Data excerpts =
━━━━━━━━━━
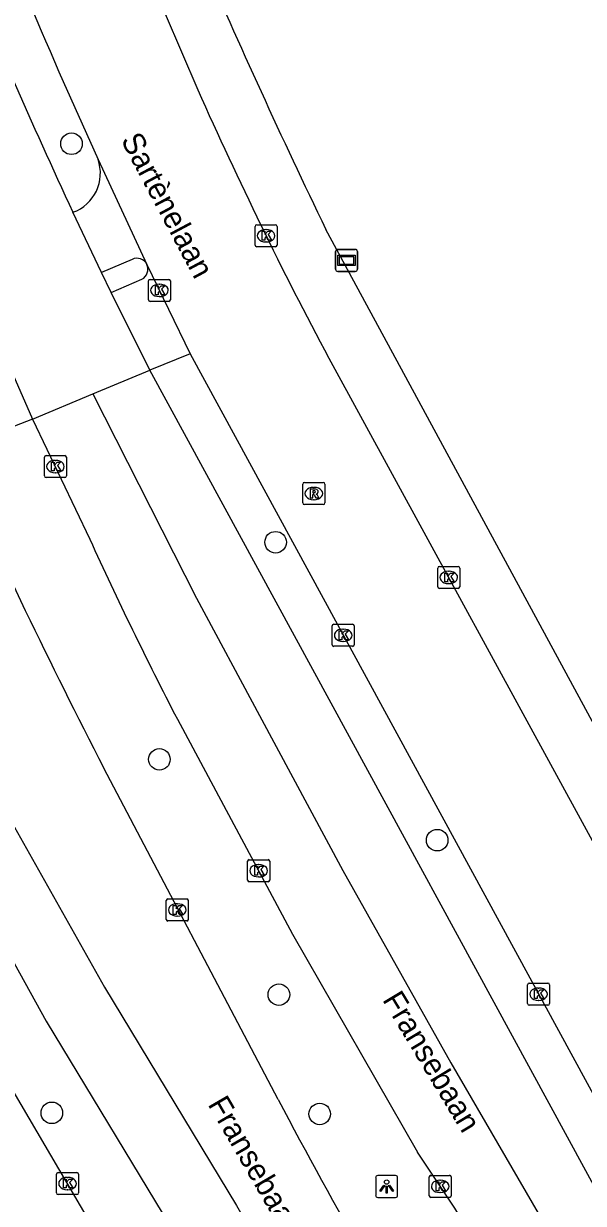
# Model space of a CAD drawing. Extents: x 157767 to 159171, y 387842 to 389425.
# Drawn here: x 158517.1 to 158542.4, y 388319.1 to 388372.6 of the extents above; entities that cross this region are included whole.
import ezdxf

# ---------------------------------------------------------------- set-up
doc = ezdxf.new("R2010")
doc.units = 0
for name, color, linetype in [('IMGEO_Boom', 7, 'Continuous'), ('IMGEO_Fietspad_open', 7, 'Continuous'), ('IMGEO_Kolk', 7, 'Continuous'), ('IMGEO_Lichtpunt', 7, 'Continuous'), ('IMGEO_Openbare_ruimte_label', 7, 'Continuous'), ('IMGEO_Rijbaan_lokaal_gesloten', 7, 'Continuous'), ('IMGEO_Rijbaan_lokaal_open', 7, 'Continuous'), ('IMGEO_Rioolput', 7, 'Continuous'), ('IMGEO_Verklikker', 7, 'Continuous'), ('IMGEO_Voetpad_open', 7, 'Continuous')]:
    doc.layers.add(name, color=color, linetype=linetype)

msp = doc.modelspace()

# ---------------------------------------------------------------- linework, layer by layer
at = {"layer": 'IMGEO_Boom'}
for centre in [(158519.228, 388367.129), (158528.486, 388349.061), (158523.215, 388339.218), (158535.816, 388335.554), (158528.635, 388328.551), (158518.336, 388323.19), (158530.487, 388323.141)]:
    msp.add_circle(centre, 0.489, dxfattribs=at)
at = {"layer": 'IMGEO_Fietspad_open'}
msp.add_lwpolyline([(158521.98, 388361.889), (158520.591, 388361.285)], dxfattribs=at)
for centre, radius, start, end in [((158518.657, 388365.792), 1.881, 289.7367, 19.4703), ((158522.198, 388361.433), 0.505, 26.5715, 115.5355)]:
    msp.add_arc(centre, radius, start, end, dxfattribs=at)
at = {"layer": 'IMGEO_Kolk'}
for p, q in [((158527.554, 388362.533), (158527.554, 388363.385)), ((158527.629, 388363.459), (158528.481, 388363.459)), ((158528.042, 388363.239), (158528.067, 388363.239)), ((158528.555, 388363.385), (158528.555, 388362.533)), ((158528.065, 388362.679), (158528.04, 388362.679)), ((158528.481, 388362.459), (158527.629, 388362.459)), ((158522.716, 388360.056), (158522.716, 388360.908)), ((158522.791, 388360.982), (158523.643, 388360.982)), ((158523.204, 388360.762), (158523.229, 388360.762)), ((158523.717, 388360.908), (158523.717, 388360.056)), ((158523.643, 388359.982), (158522.791, 388359.982)), ((158523.227, 388360.202), (158523.202, 388360.202)), ((158518.073, 388352.993), (158518.925, 388352.993)), ((158517.998, 388352.067), (158517.998, 388352.919)), ((158518.486, 388352.773), (158518.511, 388352.773)), ((158518.999, 388352.919), (158518.999, 388352.067)), ((158518.925, 388351.993), (158518.073, 388351.993)), ((158518.509, 388352.213), (158518.484, 388352.213)), ((158535.84, 388347.041), (158535.84, 388347.893)), ((158535.915, 388347.967), (158536.767, 388347.967)), ((158536.328, 388347.747), (158536.353, 388347.747)), ((158536.841, 388347.893), (158536.841, 388347.041)), ((158536.351, 388347.187), (158536.326, 388347.187)), ((158536.767, 388346.967), (158535.915, 388346.967)), ((158531.05, 388344.417), (158531.05, 388345.269)), ((158531.125, 388345.343), (158531.977, 388345.343)), ((158531.538, 388345.123), (158531.563, 388345.123)), ((158532.051, 388345.269), (158532.051, 388344.417)), ((158531.561, 388344.563), (158531.536, 388344.563)), ((158531.977, 388344.343), (158531.125, 388344.343)), ((158527.217, 388333.744), (158527.217, 388334.596)), ((158527.292, 388334.67), (158528.144, 388334.67)), ((158527.705, 388334.45), (158527.73, 388334.45)), ((158528.218, 388334.596), (158528.218, 388333.744)), ((158527.728, 388333.89), (158527.703, 388333.89)), ((158528.144, 388333.67), (158527.292, 388333.67)), ((158523.526, 388331.964), (158523.526, 388332.816)), ((158523.601, 388332.89), (158524.453, 388332.89)), ((158524.014, 388332.67), (158524.039, 388332.67)), ((158524.527, 388332.816), (158524.527, 388331.964)), ((158524.453, 388331.89), (158523.601, 388331.89)), ((158524.037, 388332.11), (158524.012, 388332.11)), ((158539.913, 388328.145), (158539.913, 388328.997)), ((158539.988, 388329.071), (158540.84, 388329.071)), ((158540.914, 388328.997), (158540.914, 388328.145)), ((158540.401, 388328.851), (158540.426, 388328.851)), ((158540.84, 388328.071), (158539.988, 388328.071)), ((158540.424, 388328.291), (158540.399, 388328.291)), ((158518.546, 388319.559), (158518.546, 388320.411)), ((158518.621, 388320.485), (158519.473, 388320.485)), ((158519.547, 388320.411), (158519.547, 388319.559)), ((158519.034, 388320.265), (158519.059, 388320.265)), ((158535.452, 388319.432), (158535.452, 388320.284)), ((158535.527, 388320.358), (158536.379, 388320.358)), ((158535.94, 388320.138), (158535.965, 388320.138)), ((158536.453, 388320.284), (158536.453, 388319.432)), ((158519.473, 388319.485), (158518.621, 388319.485)), ((158519.057, 388319.705), (158519.032, 388319.705)), ((158536.379, 388319.358), (158535.527, 388319.358)), ((158535.963, 388319.578), (158535.938, 388319.578))]:
    msp.add_line(p, q, dxfattribs=at)
for points in [[(158527.554, 388362.533), (158527.554, 388363.385)], [(158527.629, 388363.459), (158528.481, 388363.459)], [(158527.875, 388363.159), (158527.998, 388363.159), (158527.998, 388363.008), (158528.128, 388363.159), (158528.292, 388363.159), (158528.146, 388363.008), (158528.299, 388362.759), (158528.147, 388362.759), (158528.062, 388362.923), (158527.998, 388362.856), (158527.998, 388362.759), (158527.875, 388362.759), (158527.875, 388363.159)], [(158528.555, 388363.385), (158528.555, 388362.533)], [(158528.481, 388362.459), (158527.629, 388362.459)], [(158522.716, 388360.056), (158522.716, 388360.908)], [(158522.791, 388360.982), (158523.643, 388360.982)], [(158523.037, 388360.682), (158523.16, 388360.682), (158523.16, 388360.531), (158523.29, 388360.682), (158523.454, 388360.682), (158523.308, 388360.531), (158523.461, 388360.282), (158523.309, 388360.282), (158523.224, 388360.446), (158523.16, 388360.379), (158523.16, 388360.282), (158523.037, 388360.282), (158523.037, 388360.682)], [(158523.717, 388360.908), (158523.717, 388360.056)], [(158523.643, 388359.982), (158522.791, 388359.982)], [(158518.073, 388352.993), (158518.925, 388352.993)], [(158517.998, 388352.067), (158517.998, 388352.919)], [(158518.319, 388352.693), (158518.442, 388352.693), (158518.442, 388352.542), (158518.572, 388352.693), (158518.736, 388352.693), (158518.59, 388352.542), (158518.743, 388352.293), (158518.591, 388352.293), (158518.506, 388352.457), (158518.442, 388352.39), (158518.442, 388352.293), (158518.319, 388352.293), (158518.319, 388352.693)], [(158518.999, 388352.919), (158518.999, 388352.067)], [(158518.925, 388351.993), (158518.073, 388351.993)], [(158535.84, 388347.041), (158535.84, 388347.893)], [(158535.915, 388347.967), (158536.767, 388347.967)], [(158536.161, 388347.667), (158536.284, 388347.667), (158536.284, 388347.516), (158536.414, 388347.667), (158536.578, 388347.667), (158536.432, 388347.516), (158536.585, 388347.267), (158536.433, 388347.267), (158536.348, 388347.431), (158536.284, 388347.364), (158536.284, 388347.267), (158536.161, 388347.267), (158536.161, 388347.667)], [(158536.841, 388347.893), (158536.841, 388347.041)], [(158536.767, 388346.967), (158535.915, 388346.967)], [(158531.05, 388344.417), (158531.05, 388345.269)], [(158531.125, 388345.343), (158531.977, 388345.343)], [(158531.371, 388345.043), (158531.494, 388345.043), (158531.494, 388344.892), (158531.624, 388345.043), (158531.788, 388345.043), (158531.642, 388344.892), (158531.795, 388344.643), (158531.643, 388344.643), (158531.558, 388344.807), (158531.494, 388344.74), (158531.494, 388344.643), (158531.371, 388344.643), (158531.371, 388345.043)], [(158532.051, 388345.269), (158532.051, 388344.417)], [(158531.977, 388344.343), (158531.125, 388344.343)], [(158527.217, 388333.744), (158527.217, 388334.596)], [(158527.292, 388334.67), (158528.144, 388334.67)], [(158527.538, 388334.37), (158527.661, 388334.37), (158527.661, 388334.219), (158527.791, 388334.37), (158527.955, 388334.37), (158527.809, 388334.219), (158527.962, 388333.97), (158527.81, 388333.97), (158527.725, 388334.134), (158527.661, 388334.067), (158527.661, 388333.97), (158527.538, 388333.97), (158527.538, 388334.37)], [(158528.218, 388334.596), (158528.218, 388333.744)], [(158528.144, 388333.67), (158527.292, 388333.67)], [(158523.526, 388331.964), (158523.526, 388332.816)], [(158523.601, 388332.89), (158524.453, 388332.89)], [(158524.527, 388332.816), (158524.527, 388331.964)], [(158523.847, 388332.59), (158523.97, 388332.59), (158523.97, 388332.439), (158524.1, 388332.59), (158524.264, 388332.59), (158524.118, 388332.439), (158524.271, 388332.19), (158524.119, 388332.19), (158524.034, 388332.354), (158523.97, 388332.287), (158523.97, 388332.19), (158523.847, 388332.19), (158523.847, 388332.59)], [(158524.453, 388331.89), (158523.601, 388331.89)], [(158539.913, 388328.145), (158539.913, 388328.997)], [(158539.988, 388329.071), (158540.84, 388329.071)], [(158540.914, 388328.997), (158540.914, 388328.145)], [(158540.234, 388328.771), (158540.357, 388328.771), (158540.357, 388328.62), (158540.487, 388328.771), (158540.651, 388328.771), (158540.505, 388328.62), (158540.658, 388328.371), (158540.506, 388328.371), (158540.421, 388328.535), (158540.357, 388328.468), (158540.357, 388328.371), (158540.234, 388328.371), (158540.234, 388328.771)], [(158540.84, 388328.071), (158539.988, 388328.071)], [(158518.546, 388319.559), (158518.546, 388320.411)], [(158518.621, 388320.485), (158519.473, 388320.485)], [(158519.547, 388320.411), (158519.547, 388319.559)], [(158518.867, 388320.185), (158518.99, 388320.185), (158518.99, 388320.034), (158519.12, 388320.185), (158519.284, 388320.185), (158519.138, 388320.034), (158519.291, 388319.785), (158519.139, 388319.785), (158519.054, 388319.949), (158518.99, 388319.882), (158518.99, 388319.785), (158518.867, 388319.785), (158518.867, 388320.185)], [(158535.452, 388319.432), (158535.452, 388320.284)], [(158535.527, 388320.358), (158536.379, 388320.358)], [(158535.773, 388320.058), (158535.896, 388320.058), (158535.896, 388319.907), (158536.026, 388320.058), (158536.19, 388320.058), (158536.044, 388319.907), (158536.197, 388319.658), (158536.045, 388319.658), (158535.96, 388319.822), (158535.896, 388319.755), (158535.896, 388319.658), (158535.773, 388319.658), (158535.773, 388320.058)], [(158536.453, 388320.284), (158536.453, 388319.432)], [(158519.473, 388319.485), (158518.621, 388319.485)], [(158536.379, 388319.358), (158535.527, 388319.358)]]:
    msp.add_lwpolyline(points, dxfattribs=at)
for centre, start, end in [((158527.631, 388363.383), 91.552, 178.448), ((158527.631, 388363.383), 91.552, 178.448), ((158528.479, 388363.383), 1.552, 88.448), ((158528.479, 388363.383), 1.552, 88.448), ((158527.631, 388362.535), 181.552, 268.448), ((158527.631, 388362.535), 181.552, 268.448), ((158528.479, 388362.535), 271.552, 358.448), ((158528.479, 388362.535), 271.552, 358.448), ((158522.793, 388360.906), 91.552, 178.448), ((158522.793, 388360.906), 91.552, 178.448), ((158523.641, 388360.906), 1.552, 88.448), ((158523.641, 388360.906), 1.552, 88.448), ((158522.793, 388360.058), 181.552, 268.448), ((158522.793, 388360.058), 181.552, 268.448), ((158523.641, 388360.058), 271.552, 358.448), ((158523.641, 388360.058), 271.552, 358.448), ((158518.075, 388352.917), 91.552, 178.448), ((158518.075, 388352.917), 91.552, 178.448), ((158518.923, 388352.917), 1.552, 88.448), ((158518.923, 388352.917), 1.552, 88.448), ((158518.075, 388352.069), 181.552, 268.448), ((158518.075, 388352.069), 181.552, 268.448), ((158518.923, 388352.069), 271.552, 358.448), ((158518.923, 388352.069), 271.552, 358.448), ((158535.917, 388347.891), 91.552, 178.448), ((158535.917, 388347.891), 91.552, 178.448), ((158536.765, 388347.891), 1.552, 88.448), ((158536.765, 388347.891), 1.552, 88.448), ((158535.917, 388347.043), 181.552, 268.448), ((158535.917, 388347.043), 181.552, 268.448), ((158536.765, 388347.043), 271.552, 358.448), ((158536.765, 388347.043), 271.552, 358.448), ((158531.127, 388345.267), 91.552, 178.448), ((158531.127, 388345.267), 91.552, 178.448), ((158531.975, 388345.267), 1.552, 88.448), ((158531.975, 388345.267), 1.552, 88.448), ((158531.127, 388344.419), 181.552, 268.448), ((158531.127, 388344.419), 181.552, 268.448), ((158531.975, 388344.419), 271.552, 358.448), ((158531.975, 388344.419), 271.552, 358.448), ((158527.294, 388334.594), 91.552, 178.448), ((158527.294, 388334.594), 91.552, 178.448), ((158528.142, 388334.594), 1.552, 88.448), ((158528.142, 388334.594), 1.552, 88.448), ((158527.294, 388333.746), 181.552, 268.448), ((158527.294, 388333.746), 181.552, 268.448), ((158528.142, 388333.746), 271.552, 358.448), ((158528.142, 388333.746), 271.552, 358.448), ((158523.603, 388332.814), 91.552, 178.448), ((158523.603, 388332.814), 91.552, 178.448), ((158524.451, 388332.814), 1.552, 88.448), ((158524.451, 388332.814), 1.552, 88.448), ((158523.603, 388331.966), 181.552, 268.448), ((158523.603, 388331.966), 181.552, 268.448), ((158524.451, 388331.966), 271.552, 358.448), ((158524.451, 388331.966), 271.552, 358.448), ((158539.99, 388328.995), 91.552, 178.448), ((158539.99, 388328.995), 91.552, 178.448), ((158540.838, 388328.995), 1.552, 88.448), ((158540.838, 388328.995), 1.552, 88.448), ((158539.99, 388328.147), 181.552, 268.448), ((158539.99, 388328.147), 181.552, 268.448), ((158540.838, 388328.147), 271.552, 358.448), ((158540.838, 388328.147), 271.552, 358.448), ((158518.623, 388320.409), 91.552, 178.448), ((158518.623, 388320.409), 91.552, 178.448), ((158519.471, 388320.409), 1.552, 88.448), ((158519.471, 388320.409), 1.552, 88.448), ((158535.529, 388320.282), 91.552, 178.448), ((158535.529, 388320.282), 91.552, 178.448), ((158536.377, 388320.282), 1.552, 88.448), ((158536.377, 388320.282), 1.552, 88.448), ((158518.623, 388319.561), 181.552, 268.448), ((158518.623, 388319.561), 181.552, 268.448), ((158519.471, 388319.561), 271.552, 358.448), ((158519.471, 388319.561), 271.552, 358.448), ((158535.529, 388319.434), 181.552, 268.448), ((158535.529, 388319.434), 181.552, 268.448), ((158536.377, 388319.434), 271.552, 358.448), ((158536.377, 388319.434), 271.552, 358.448)]:
    msp.add_arc(centre, 0.0765, start, end, dxfattribs=at)
for centre, major_axis, ratio, start_param, end_param in [((158528.041, 388362.959), (-0.387, 0.002), 0.722429, 4.712389, 7.853982), ((158528.066, 388362.959), (-0.39, 0.002), 0.717154, 1.570796, 4.712389), ((158523.203, 388360.482), (-0.387, 0.002), 0.722429, 4.712389, 7.853982), ((158523.228, 388360.482), (-0.39, 0.002), 0.717154, 1.570796, 4.712389), ((158518.485, 388352.493), (-0.387, 0.002), 0.722429, 4.712389, 7.853982), ((158518.51, 388352.493), (-0.39, 0.002), 0.717154, 1.570796, 4.712389), ((158536.327, 388347.467), (-0.387, 0.002), 0.722429, 4.712389, 7.853982), ((158536.352, 388347.467), (-0.39, 0.002), 0.717154, 1.570796, 4.712389), ((158531.537, 388344.843), (-0.387, 0.002), 0.722429, 4.712389, 7.853982), ((158531.562, 388344.843), (-0.39, 0.002), 0.717154, 1.570796, 4.712389), ((158527.704, 388334.17), (-0.387, 0.002), 0.722429, 4.712389, 7.853982), ((158527.729, 388334.17), (-0.39, 0.002), 0.717154, 1.570796, 4.712389), ((158524.013, 388332.39), (-0.387, 0.002), 0.722429, 4.712389, 7.853982), ((158524.038, 388332.39), (-0.39, 0.002), 0.717154, 1.570796, 4.712389), ((158540.4, 388328.571), (-0.387, 0.002), 0.722429, 4.712389, 7.853982), ((158540.425, 388328.571), (-0.39, 0.002), 0.717154, 1.570796, 4.712389), ((158519.033, 388319.985), (-0.387, 0.002), 0.722429, 4.712389, 7.853982), ((158519.058, 388319.985), (-0.39, 0.002), 0.717154, 1.570796, 4.712389), ((158535.939, 388319.858), (-0.387, 0.002), 0.722429, 4.712389, 7.853982), ((158535.964, 388319.858), (-0.39, 0.002), 0.717154, 1.570796, 4.712389)]:
    msp.add_ellipse(centre, major_axis=major_axis, ratio=ratio, start_param=start_param, end_param=end_param, dxfattribs=at)
at = {"layer": 'IMGEO_Lichtpunt'}
for p, q in [((158533.025, 388320.255), (158533.025, 388319.448)), ((158533.025, 388320.255), (158533.025, 388319.448)), ((158533.927, 388320.35), (158533.119, 388320.35)), ((158533.927, 388320.35), (158533.119, 388320.35)), ((158534.021, 388319.448), (158534.021, 388320.255)), ((158534.021, 388319.448), (158534.021, 388320.255)), ((158533.119, 388319.354), (158533.927, 388319.354)), ((158533.119, 388319.354), (158533.927, 388319.354))]:
    msp.add_line(p, q, dxfattribs=at)
for points in [[(158533.399, 388319.919), (158533.438, 388319.891), (158533.25, 388319.629), (158533.212, 388319.656), (158533.399, 388319.919)], [(158533.501, 388319.871), (158533.548, 388319.871), (158533.548, 388319.549), (158533.501, 388319.549), (158533.501, 388319.871)], [(158533.611, 388319.891), (158533.649, 388319.918), (158533.836, 388319.656), (158533.797, 388319.628), (158533.611, 388319.891)]]:
    msp.add_lwpolyline(points, dxfattribs=at)
msp.add_circle((158533.524, 388320.053), 0.0994, dxfattribs=at)
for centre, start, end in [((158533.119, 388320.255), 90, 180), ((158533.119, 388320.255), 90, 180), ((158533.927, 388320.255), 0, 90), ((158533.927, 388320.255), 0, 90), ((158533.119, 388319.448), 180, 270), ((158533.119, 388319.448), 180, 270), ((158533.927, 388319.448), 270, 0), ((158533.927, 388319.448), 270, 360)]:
━━━━━━━━━━
Instructions for the task =
Each line that holds the word "dxfattribs" should be extracted from the records.

Finished task =
    msp.add_circle(centre, 0.489, dxfattribs=at)
msp.add_lwpolyline([(158521.98, 388361.889), (158520.591, 388361.285)], dxfattribs=at)
    msp.add_arc(centre, radius, start, end, dxfattribs=at)
    msp.add_line(p, q, dxfattribs=at)
    msp.add_lwpolyline(points, dxfattribs=at)
    msp.add_arc(centre, 0.0765, start, end, dxfattribs=at)
    msp.add_ellipse(centre, major_axis=major_axis, ratio=ratio, start_param=start_param, end_param=end_param, dxfattribs=at)
    msp.add_line(p, q, dxfattribs=at)
    msp.add_lwpolyline(points, dxfattribs=at)
msp.add_circle((158533.524, 388320.053), 0.0994, dxfattribs=at)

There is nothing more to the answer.